_Task prompt_
In the material below, identify each line bearing the word "void". Reproduce those lines.

*** Block opens ***

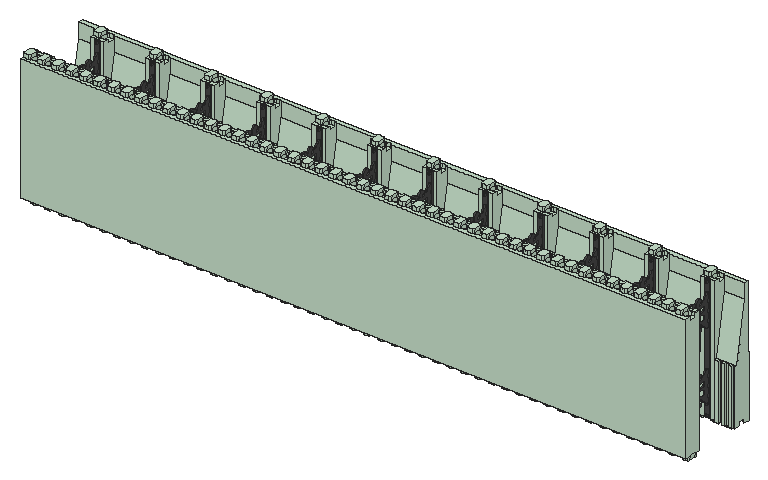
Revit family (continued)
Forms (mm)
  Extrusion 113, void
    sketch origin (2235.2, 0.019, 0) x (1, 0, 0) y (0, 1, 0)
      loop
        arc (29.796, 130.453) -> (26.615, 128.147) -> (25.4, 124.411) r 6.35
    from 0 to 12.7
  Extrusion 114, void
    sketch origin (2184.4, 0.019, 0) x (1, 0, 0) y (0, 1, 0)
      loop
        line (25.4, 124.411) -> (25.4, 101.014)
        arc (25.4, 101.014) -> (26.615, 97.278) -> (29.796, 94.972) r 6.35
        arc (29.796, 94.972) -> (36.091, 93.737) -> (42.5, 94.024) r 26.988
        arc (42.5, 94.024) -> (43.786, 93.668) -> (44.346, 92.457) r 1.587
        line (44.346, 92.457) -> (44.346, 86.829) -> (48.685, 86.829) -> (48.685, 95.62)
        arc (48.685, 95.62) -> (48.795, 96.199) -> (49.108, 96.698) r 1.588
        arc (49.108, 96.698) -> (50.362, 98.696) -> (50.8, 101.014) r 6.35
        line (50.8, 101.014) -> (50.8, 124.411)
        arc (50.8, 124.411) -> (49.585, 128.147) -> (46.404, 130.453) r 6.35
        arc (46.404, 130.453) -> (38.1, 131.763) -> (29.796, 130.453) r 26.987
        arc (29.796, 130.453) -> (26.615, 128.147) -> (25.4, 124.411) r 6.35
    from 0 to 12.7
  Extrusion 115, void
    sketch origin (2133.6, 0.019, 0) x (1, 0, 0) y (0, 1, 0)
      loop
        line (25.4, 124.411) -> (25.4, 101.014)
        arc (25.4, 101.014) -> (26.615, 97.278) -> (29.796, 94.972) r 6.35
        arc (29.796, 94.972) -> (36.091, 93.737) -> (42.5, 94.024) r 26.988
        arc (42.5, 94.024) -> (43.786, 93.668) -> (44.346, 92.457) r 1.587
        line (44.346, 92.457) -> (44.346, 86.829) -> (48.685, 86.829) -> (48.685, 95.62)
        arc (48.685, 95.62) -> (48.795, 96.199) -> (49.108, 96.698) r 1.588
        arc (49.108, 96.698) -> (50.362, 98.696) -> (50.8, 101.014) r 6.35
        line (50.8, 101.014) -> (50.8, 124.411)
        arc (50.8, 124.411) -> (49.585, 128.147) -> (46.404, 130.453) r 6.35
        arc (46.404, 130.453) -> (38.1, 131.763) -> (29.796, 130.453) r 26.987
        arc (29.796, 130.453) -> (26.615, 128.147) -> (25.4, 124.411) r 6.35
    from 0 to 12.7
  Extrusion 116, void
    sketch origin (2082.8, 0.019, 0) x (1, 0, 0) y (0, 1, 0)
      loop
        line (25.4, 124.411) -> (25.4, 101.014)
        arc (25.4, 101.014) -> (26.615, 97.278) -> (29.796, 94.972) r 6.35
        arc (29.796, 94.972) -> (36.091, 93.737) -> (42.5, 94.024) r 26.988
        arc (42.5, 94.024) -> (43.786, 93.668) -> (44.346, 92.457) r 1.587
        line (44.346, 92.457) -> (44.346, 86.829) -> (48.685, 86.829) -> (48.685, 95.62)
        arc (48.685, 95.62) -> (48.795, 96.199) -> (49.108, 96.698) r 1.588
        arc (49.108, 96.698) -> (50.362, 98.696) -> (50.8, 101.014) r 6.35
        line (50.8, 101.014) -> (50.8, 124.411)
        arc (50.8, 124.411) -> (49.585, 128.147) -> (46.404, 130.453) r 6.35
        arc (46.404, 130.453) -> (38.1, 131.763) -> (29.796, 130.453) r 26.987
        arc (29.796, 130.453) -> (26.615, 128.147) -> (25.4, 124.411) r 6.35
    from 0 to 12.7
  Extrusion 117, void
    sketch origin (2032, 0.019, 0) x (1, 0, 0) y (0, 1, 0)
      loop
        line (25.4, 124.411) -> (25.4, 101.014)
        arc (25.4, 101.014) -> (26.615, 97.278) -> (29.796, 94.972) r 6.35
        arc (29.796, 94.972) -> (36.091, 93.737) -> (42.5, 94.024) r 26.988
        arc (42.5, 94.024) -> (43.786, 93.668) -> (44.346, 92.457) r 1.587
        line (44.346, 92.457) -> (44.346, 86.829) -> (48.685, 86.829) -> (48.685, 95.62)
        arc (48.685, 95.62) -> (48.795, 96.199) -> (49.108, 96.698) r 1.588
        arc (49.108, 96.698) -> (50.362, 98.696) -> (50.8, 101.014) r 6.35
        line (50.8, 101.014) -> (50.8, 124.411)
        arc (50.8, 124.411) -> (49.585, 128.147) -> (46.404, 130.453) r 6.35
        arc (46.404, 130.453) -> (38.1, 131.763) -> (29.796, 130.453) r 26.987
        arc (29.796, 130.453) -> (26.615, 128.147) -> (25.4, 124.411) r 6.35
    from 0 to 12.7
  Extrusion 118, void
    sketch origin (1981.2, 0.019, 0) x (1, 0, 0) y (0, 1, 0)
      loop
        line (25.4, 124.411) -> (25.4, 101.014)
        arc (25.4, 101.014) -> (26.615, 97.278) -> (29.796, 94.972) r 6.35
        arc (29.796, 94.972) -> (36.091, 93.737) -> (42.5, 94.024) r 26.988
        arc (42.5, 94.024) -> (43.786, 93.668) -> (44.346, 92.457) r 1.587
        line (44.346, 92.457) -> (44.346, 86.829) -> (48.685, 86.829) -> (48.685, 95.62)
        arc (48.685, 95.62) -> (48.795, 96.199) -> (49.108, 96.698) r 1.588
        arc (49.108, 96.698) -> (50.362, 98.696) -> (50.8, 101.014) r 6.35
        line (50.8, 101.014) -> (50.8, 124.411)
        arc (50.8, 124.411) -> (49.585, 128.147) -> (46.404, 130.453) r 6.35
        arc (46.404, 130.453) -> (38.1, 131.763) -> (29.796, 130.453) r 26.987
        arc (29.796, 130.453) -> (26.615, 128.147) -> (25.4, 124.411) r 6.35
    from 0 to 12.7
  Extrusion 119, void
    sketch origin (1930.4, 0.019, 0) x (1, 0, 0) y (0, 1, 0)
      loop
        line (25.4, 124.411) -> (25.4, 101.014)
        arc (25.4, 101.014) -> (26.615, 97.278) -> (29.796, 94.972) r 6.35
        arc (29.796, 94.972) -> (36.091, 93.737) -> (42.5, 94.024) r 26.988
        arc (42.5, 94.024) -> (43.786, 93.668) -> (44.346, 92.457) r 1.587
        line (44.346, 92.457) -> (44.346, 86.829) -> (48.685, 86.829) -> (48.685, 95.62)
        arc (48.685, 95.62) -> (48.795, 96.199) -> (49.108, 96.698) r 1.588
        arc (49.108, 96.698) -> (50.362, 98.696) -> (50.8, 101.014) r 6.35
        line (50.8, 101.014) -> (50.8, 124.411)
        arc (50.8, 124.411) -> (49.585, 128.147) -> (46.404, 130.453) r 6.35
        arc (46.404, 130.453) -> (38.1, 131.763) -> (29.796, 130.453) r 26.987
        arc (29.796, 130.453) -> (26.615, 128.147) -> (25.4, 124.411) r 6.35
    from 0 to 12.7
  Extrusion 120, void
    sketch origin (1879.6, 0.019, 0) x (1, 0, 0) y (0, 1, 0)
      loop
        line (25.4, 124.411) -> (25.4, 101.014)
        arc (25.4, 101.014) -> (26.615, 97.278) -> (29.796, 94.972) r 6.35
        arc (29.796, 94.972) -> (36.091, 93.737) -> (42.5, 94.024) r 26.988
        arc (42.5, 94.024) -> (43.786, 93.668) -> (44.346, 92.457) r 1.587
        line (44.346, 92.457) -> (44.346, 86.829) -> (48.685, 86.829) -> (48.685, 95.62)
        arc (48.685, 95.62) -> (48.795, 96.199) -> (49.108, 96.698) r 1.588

*** Block closes ***

_Exercise output_
  Extrusion 113, void
  Extrusion 114, void
  Extrusion 115, void
  Extrusion 116, void
  Extrusion 117, void
  Extrusion 118, void
  Extrusion 119, void
  Extrusion 120, void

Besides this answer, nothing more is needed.